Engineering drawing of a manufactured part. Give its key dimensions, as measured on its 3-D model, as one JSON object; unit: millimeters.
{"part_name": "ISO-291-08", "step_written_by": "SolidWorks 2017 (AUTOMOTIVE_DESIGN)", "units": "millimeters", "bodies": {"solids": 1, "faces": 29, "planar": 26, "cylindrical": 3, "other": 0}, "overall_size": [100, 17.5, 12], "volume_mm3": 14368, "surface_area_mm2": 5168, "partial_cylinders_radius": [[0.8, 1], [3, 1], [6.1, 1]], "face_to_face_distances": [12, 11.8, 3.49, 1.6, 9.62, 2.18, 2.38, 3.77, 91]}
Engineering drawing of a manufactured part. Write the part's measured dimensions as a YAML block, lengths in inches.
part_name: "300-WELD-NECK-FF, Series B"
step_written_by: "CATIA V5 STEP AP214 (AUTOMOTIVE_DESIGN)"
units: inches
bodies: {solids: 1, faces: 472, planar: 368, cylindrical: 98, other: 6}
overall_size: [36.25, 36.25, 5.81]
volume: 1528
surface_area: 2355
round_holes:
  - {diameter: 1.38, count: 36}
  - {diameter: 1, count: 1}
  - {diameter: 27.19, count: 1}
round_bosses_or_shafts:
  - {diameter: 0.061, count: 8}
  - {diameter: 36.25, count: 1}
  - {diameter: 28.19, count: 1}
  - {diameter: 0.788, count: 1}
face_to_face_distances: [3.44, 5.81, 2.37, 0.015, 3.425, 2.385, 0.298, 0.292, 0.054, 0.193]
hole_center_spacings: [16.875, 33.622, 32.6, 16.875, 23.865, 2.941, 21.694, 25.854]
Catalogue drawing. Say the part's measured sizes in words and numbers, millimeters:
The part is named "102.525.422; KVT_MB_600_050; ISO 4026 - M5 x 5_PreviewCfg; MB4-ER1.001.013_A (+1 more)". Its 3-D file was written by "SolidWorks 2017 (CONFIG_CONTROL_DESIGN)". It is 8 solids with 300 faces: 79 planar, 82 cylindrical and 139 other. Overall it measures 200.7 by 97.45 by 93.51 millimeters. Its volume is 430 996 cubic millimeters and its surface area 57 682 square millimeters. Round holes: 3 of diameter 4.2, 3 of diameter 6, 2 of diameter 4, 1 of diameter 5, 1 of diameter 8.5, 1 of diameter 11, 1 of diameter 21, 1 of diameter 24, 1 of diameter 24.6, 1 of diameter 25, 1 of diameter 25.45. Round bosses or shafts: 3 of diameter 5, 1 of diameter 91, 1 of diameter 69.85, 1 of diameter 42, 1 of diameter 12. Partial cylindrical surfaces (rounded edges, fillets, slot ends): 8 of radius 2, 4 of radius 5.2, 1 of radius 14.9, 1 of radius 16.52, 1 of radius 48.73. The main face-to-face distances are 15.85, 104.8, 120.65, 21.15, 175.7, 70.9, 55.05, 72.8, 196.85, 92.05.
^^^^^^^^
■ Task details: All entries are to be output exactly as they stand.

■ Solution to the exercise:
Engineering drawing of a manufactured part. Give its key dimensions, as measured on its 3-D model, as one JSON object; unit: millimeters.
{"part_name": "ISO-291-08", "step_written_by": "SolidWorks 2017 (AUTOMOTIVE_DESIGN)", "units": "millimeters", "bodies": {"solids": 1, "faces": 29, "planar": 26, "cylindrical": 3, "other": 0}, "overall_size": [100, 17.5, 12], "volume_mm3": 14368, "surface_area_mm2": 5168, "partial_cylinders_radius": [[0.8, 1], [3, 1], [6.1, 1]], "face_to_face_distances": [12, 11.8, 3.49, 1.6, 9.62, 2.18, 2.38, 3.77, 91]}
Engineering drawing of a manufactured part. Write the part's measured dimensions as a YAML block, lengths in inches.
part_name: "300-WELD-NECK-FF, Series B"
step_written_by: "CATIA V5 STEP AP214 (AUTOMOTIVE_DESIGN)"
units: inches
bodies: {solids: 1, faces: 472, planar: 368, cylindrical: 98, other: 6}
overall_size: [36.25, 36.25, 5.81]
volume: 1528
surface_area: 2355
round_holes:
  - {diameter: 1.38, count: 36}
  - {diameter: 1, count: 1}
  - {diameter: 27.19, count: 1}
round_bosses_or_shafts:
  - {diameter: 0.061, count: 8}
  - {diameter: 36.25, count: 1}
  - {diameter: 28.19, count: 1}
  - {diameter: 0.788, count: 1}
face_to_face_distances: [3.44, 5.81, 2.37, 0.015, 3.425, 2.385, 0.298, 0.292, 0.054, 0.193]
hole_center_spacings: [16.875, 33.622, 32.6, 16.875, 23.865, 2.941, 21.694, 25.854]
Catalogue drawing. Say the part's measured sizes in words and numbers, millimeters:
The part is named "102.525.422; KVT_MB_600_050; ISO 4026 - M5 x 5_PreviewCfg; MB4-ER1.001.013_A (+1 more)". Its 3-D file was written by "SolidWorks 2017 (CONFIG_CONTROL_DESIGN)". It is 8 solids with 300 faces: 79 planar, 82 cylindrical and 139 other. Overall it measures 200.7 by 97.45 by 93.51 millimeters. Its volume is 430 996 cubic millimeters and its surface area 57 682 square millimeters. Round holes: 3 of diameter 4.2, 3 of diameter 6, 2 of diameter 4, 1 of diameter 5, 1 of diameter 8.5, 1 of diameter 11, 1 of diameter 21, 1 of diameter 24, 1 of diameter 24.6, 1 of diameter 25, 1 of diameter 25.45. Round bosses or shafts: 3 of diameter 5, 1 of diameter 91, 1 of diameter 69.85, 1 of diameter 42, 1 of diameter 12. Partial cylindrical surfaces (rounded edges, fillets, slot ends): 8 of radius 2, 4 of radius 5.2, 1 of radius 14.9, 1 of radius 16.52, 1 of radius 48.73. The main face-to-face distances are 15.85, 104.8, 120.65, 21.15, 175.7, 70.9, 55.05, 72.8, 196.85, 92.05.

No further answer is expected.